►
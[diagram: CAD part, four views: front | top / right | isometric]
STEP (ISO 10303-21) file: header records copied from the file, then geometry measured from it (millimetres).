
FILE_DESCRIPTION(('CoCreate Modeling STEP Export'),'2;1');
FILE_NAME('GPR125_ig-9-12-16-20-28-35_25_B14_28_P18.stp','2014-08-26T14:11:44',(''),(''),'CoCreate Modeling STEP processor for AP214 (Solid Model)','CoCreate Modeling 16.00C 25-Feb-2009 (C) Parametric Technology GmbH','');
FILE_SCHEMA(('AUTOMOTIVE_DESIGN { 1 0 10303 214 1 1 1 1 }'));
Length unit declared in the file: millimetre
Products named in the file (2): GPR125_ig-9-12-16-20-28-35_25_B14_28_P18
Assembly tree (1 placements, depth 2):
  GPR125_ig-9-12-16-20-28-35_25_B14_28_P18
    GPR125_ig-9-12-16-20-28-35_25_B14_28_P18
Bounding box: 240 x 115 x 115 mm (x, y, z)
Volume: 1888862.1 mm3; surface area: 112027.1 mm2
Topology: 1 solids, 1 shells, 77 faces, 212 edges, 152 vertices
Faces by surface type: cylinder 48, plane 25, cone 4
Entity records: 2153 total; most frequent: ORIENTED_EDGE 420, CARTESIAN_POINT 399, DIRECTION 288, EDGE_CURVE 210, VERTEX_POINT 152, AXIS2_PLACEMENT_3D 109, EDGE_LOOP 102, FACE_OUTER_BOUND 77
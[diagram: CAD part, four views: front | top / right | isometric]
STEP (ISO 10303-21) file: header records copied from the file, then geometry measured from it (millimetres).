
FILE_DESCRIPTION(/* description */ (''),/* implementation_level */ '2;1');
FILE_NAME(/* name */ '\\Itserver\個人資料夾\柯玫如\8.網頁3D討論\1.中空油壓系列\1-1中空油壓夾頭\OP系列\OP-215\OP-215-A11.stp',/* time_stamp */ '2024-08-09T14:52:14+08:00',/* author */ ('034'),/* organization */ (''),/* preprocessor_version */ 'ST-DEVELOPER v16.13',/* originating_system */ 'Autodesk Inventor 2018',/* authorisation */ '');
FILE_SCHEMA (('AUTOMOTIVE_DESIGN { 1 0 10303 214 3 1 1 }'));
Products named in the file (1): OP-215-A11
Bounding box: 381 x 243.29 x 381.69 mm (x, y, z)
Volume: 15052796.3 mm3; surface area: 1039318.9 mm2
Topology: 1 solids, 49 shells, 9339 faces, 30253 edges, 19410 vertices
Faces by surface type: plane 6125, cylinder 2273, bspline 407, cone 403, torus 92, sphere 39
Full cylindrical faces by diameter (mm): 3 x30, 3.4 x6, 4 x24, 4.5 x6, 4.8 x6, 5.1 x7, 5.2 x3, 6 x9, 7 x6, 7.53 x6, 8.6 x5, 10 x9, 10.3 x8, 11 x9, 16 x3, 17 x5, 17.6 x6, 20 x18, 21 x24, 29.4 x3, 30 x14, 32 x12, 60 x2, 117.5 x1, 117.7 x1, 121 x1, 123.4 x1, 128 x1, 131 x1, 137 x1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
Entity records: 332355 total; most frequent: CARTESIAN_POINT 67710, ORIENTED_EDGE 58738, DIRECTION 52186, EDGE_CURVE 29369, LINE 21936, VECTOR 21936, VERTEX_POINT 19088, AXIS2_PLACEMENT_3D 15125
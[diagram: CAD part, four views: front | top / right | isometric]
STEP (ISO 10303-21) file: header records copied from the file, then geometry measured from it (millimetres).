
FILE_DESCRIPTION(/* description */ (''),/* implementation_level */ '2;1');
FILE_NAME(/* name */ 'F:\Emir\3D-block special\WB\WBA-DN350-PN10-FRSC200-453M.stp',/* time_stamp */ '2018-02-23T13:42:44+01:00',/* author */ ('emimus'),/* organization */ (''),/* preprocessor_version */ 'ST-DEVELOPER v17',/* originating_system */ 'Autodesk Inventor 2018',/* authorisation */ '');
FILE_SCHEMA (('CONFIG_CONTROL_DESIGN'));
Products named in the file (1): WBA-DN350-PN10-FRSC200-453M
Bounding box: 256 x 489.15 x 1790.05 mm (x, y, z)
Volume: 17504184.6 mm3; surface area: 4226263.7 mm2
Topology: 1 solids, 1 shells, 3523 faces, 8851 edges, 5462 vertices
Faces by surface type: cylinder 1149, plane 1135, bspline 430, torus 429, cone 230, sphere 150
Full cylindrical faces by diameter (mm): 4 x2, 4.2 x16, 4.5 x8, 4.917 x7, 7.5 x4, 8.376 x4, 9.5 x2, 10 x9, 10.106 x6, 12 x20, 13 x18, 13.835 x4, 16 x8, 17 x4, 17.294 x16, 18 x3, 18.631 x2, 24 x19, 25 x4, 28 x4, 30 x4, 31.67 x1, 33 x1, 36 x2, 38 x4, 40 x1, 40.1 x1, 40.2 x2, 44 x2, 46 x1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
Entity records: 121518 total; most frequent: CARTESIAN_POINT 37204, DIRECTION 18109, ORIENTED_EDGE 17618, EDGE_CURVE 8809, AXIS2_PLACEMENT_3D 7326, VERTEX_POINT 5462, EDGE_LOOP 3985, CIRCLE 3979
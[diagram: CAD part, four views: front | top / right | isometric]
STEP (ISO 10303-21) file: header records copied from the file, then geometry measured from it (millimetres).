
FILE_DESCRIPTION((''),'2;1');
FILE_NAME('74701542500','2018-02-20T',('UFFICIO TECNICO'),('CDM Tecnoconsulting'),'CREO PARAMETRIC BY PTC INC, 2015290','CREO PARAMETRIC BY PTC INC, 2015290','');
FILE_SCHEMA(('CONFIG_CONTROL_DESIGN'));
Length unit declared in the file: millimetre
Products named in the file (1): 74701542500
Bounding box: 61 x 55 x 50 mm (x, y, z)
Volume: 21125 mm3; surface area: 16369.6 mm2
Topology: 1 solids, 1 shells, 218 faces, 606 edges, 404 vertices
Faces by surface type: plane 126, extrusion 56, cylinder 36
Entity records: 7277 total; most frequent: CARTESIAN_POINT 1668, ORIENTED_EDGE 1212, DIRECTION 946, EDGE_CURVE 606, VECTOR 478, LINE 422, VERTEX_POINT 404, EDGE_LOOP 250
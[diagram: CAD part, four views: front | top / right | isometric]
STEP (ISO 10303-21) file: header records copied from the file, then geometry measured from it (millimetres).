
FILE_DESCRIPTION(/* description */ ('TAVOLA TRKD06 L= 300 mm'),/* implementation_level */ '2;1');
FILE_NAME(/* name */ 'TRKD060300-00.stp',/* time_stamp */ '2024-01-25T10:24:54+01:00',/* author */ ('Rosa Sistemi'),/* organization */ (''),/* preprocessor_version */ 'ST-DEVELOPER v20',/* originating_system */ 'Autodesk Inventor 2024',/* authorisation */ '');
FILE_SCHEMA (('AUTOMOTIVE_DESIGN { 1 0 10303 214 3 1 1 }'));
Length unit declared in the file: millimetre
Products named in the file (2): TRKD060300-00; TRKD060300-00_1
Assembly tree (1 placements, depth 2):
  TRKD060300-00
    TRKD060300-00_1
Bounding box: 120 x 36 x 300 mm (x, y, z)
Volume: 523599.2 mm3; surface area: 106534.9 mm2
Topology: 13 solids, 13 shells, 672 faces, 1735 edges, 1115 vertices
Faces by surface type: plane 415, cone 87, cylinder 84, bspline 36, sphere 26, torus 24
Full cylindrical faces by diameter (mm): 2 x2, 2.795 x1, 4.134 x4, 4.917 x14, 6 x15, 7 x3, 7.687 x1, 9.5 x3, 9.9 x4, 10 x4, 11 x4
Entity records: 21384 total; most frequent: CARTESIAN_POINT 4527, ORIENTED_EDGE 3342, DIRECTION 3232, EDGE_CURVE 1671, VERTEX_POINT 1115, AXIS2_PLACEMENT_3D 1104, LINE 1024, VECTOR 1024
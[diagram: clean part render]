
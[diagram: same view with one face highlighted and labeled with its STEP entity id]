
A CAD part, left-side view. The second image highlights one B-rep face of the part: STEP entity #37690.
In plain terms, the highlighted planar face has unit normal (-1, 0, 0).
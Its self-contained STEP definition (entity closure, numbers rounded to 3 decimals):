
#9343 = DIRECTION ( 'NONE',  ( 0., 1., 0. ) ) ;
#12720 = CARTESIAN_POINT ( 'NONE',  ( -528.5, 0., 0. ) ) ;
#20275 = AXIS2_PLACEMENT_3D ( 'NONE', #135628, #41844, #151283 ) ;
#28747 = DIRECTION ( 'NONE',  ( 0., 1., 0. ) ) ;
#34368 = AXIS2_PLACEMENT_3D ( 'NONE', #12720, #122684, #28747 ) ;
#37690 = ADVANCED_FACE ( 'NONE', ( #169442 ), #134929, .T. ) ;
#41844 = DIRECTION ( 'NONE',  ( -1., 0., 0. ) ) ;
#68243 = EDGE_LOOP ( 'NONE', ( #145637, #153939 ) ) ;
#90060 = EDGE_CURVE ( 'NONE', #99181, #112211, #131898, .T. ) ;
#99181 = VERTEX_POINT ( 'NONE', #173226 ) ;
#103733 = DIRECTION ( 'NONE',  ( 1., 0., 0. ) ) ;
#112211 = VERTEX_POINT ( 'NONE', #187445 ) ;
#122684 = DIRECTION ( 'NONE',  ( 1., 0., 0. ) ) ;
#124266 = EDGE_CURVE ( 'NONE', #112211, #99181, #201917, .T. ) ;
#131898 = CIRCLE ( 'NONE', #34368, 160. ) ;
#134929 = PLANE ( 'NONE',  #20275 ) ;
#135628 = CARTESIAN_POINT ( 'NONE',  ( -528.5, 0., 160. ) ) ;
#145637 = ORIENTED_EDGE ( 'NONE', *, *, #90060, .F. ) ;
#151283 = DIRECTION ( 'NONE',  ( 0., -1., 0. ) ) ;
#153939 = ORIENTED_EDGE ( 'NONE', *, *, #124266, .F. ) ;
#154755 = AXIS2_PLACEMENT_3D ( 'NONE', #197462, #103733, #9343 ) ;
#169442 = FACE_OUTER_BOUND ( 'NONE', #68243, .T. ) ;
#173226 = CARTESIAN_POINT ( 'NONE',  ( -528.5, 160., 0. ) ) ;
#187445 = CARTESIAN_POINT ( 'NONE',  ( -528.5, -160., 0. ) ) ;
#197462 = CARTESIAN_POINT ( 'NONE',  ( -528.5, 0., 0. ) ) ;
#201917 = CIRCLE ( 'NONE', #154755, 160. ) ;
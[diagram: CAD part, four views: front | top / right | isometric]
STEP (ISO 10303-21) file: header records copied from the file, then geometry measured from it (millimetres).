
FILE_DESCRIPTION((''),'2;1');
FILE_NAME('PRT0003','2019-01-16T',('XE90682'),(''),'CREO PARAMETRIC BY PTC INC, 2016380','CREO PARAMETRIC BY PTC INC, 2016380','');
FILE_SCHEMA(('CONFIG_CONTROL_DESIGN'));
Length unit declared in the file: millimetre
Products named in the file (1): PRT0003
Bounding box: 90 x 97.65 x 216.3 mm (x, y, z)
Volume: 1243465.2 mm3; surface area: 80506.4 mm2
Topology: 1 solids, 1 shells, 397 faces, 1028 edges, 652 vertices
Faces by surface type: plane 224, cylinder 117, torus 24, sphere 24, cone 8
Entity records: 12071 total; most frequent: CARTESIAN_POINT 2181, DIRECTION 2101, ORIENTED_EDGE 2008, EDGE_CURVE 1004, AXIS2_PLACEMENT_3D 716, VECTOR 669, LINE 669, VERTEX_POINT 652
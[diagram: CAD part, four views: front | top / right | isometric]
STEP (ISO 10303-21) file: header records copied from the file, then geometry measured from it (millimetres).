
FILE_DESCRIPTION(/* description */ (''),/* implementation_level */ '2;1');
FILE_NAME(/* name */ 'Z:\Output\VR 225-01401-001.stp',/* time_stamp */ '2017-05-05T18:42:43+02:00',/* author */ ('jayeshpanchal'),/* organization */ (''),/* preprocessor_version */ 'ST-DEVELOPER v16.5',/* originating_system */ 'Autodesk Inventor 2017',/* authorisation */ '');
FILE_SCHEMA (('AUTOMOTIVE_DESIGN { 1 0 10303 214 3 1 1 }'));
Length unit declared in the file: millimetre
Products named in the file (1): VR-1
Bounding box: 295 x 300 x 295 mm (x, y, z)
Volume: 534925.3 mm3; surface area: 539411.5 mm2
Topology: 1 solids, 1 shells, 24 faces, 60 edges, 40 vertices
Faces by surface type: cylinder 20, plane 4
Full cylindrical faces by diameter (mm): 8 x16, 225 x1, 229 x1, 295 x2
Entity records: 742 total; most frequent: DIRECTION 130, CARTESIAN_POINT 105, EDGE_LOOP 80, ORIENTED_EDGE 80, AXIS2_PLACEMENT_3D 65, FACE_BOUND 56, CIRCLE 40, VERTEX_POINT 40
◄
**ABOUT THIS EXERCISE**
Everything from the line that contains "Full cylindrical faces by diameter (mm): 8" to the last line of the entries above should be repeated word for word, both lines included, with no other output.

**THE ANSWER**
Full cylindrical faces by diameter (mm): 8 x16, 225 x1, 229 x1, 295 x2
Entity records: 742 total; most frequent: DIRECTION 130, CARTESIAN_POINT 105, EDGE_LOOP 80, ORIENTED_EDGE 80, AXIS2_PLACEMENT_3D 65, FACE_BOUND 56, CIRCLE 40, VERTEX_POINT 40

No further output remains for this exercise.